>>>
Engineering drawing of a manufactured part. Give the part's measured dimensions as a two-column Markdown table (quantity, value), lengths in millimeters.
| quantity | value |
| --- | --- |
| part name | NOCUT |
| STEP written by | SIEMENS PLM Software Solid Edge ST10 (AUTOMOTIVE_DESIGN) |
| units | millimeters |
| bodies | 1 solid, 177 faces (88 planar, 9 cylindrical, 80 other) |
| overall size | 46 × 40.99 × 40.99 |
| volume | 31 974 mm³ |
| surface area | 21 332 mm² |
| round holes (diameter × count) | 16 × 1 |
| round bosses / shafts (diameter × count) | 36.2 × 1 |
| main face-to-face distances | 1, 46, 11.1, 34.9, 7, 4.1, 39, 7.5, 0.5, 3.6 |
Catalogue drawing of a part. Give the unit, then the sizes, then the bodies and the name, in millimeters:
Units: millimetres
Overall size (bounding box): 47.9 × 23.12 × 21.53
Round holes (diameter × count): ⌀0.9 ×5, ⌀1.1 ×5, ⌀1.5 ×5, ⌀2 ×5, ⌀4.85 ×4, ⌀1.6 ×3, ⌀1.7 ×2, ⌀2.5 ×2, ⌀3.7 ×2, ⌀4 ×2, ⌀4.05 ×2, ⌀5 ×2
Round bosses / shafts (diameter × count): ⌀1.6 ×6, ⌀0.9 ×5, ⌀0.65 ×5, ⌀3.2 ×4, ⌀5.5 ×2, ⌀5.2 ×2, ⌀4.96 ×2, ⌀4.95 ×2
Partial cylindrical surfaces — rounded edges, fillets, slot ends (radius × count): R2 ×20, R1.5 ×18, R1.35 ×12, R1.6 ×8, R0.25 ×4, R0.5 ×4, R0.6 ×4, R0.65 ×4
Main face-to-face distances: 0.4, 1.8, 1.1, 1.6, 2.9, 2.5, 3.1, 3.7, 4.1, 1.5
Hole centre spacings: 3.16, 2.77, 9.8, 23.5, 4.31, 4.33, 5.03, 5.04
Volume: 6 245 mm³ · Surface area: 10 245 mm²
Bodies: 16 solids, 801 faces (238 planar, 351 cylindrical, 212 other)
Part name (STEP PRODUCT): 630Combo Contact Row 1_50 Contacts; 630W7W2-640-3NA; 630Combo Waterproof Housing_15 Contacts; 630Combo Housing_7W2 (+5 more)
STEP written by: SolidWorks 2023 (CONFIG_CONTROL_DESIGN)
<<<
• **What you have to do**:
Each of the records should be written out precisely as given.

• **Answer box**:
Engineering drawing of a manufactured part. Give the part's measured dimensions as a two-column Markdown table (quantity, value), lengths in millimeters.
| quantity | value |
| --- | --- |
| part name | NOCUT |
| STEP written by | SIEMENS PLM Software Solid Edge ST10 (AUTOMOTIVE_DESIGN) |
| units | millimeters |
| bodies | 1 solid, 177 faces (88 planar, 9 cylindrical, 80 other) |
| overall size | 46 × 40.99 × 40.99 |
| volume | 31 974 mm³ |
| surface area | 21 332 mm² |
| round holes (diameter × count) | 16 × 1 |
| round bosses / shafts (diameter × count) | 36.2 × 1 |
| main face-to-face distances | 1, 46, 11.1, 34.9, 7, 4.1, 39, 7.5, 0.5, 3.6 |
Catalogue drawing of a part. Give the unit, then the sizes, then the bodies and the name, in millimeters:
Units: millimetres
Overall size (bounding box): 47.9 × 23.12 × 21.53
Round holes (diameter × count): ⌀0.9 ×5, ⌀1.1 ×5, ⌀1.5 ×5, ⌀2 ×5, ⌀4.85 ×4, ⌀1.6 ×3, ⌀1.7 ×2, ⌀2.5 ×2, ⌀3.7 ×2, ⌀4 ×2, ⌀4.05 ×2, ⌀5 ×2
Round bosses / shafts (diameter × count): ⌀1.6 ×6, ⌀0.9 ×5, ⌀0.65 ×5, ⌀3.2 ×4, ⌀5.5 ×2, ⌀5.2 ×2, ⌀4.96 ×2, ⌀4.95 ×2
Partial cylindrical surfaces — rounded edges, fillets, slot ends (radius × count): R2 ×20, R1.5 ×18, R1.35 ×12, R1.6 ×8, R0.25 ×4, R0.5 ×4, R0.6 ×4, R0.65 ×4
Main face-to-face distances: 0.4, 1.8, 1.1, 1.6, 2.9, 2.5, 3.1, 3.7, 4.1, 1.5
Hole centre spacings: 3.16, 2.77, 9.8, 23.5, 4.31, 4.33, 5.03, 5.04
Volume: 6 245 mm³ · Surface area: 10 245 mm²
Bodies: 16 solids, 801 faces (238 planar, 351 cylindrical, 212 other)
Part name (STEP PRODUCT): 630Combo Contact Row 1_50 Contacts; 630W7W2-640-3NA; 630Combo Waterproof Housing_15 Contacts; 630Combo Housing_7W2 (+5 more)
STEP written by: SolidWorks 2023 (CONFIG_CONTROL_DESIGN)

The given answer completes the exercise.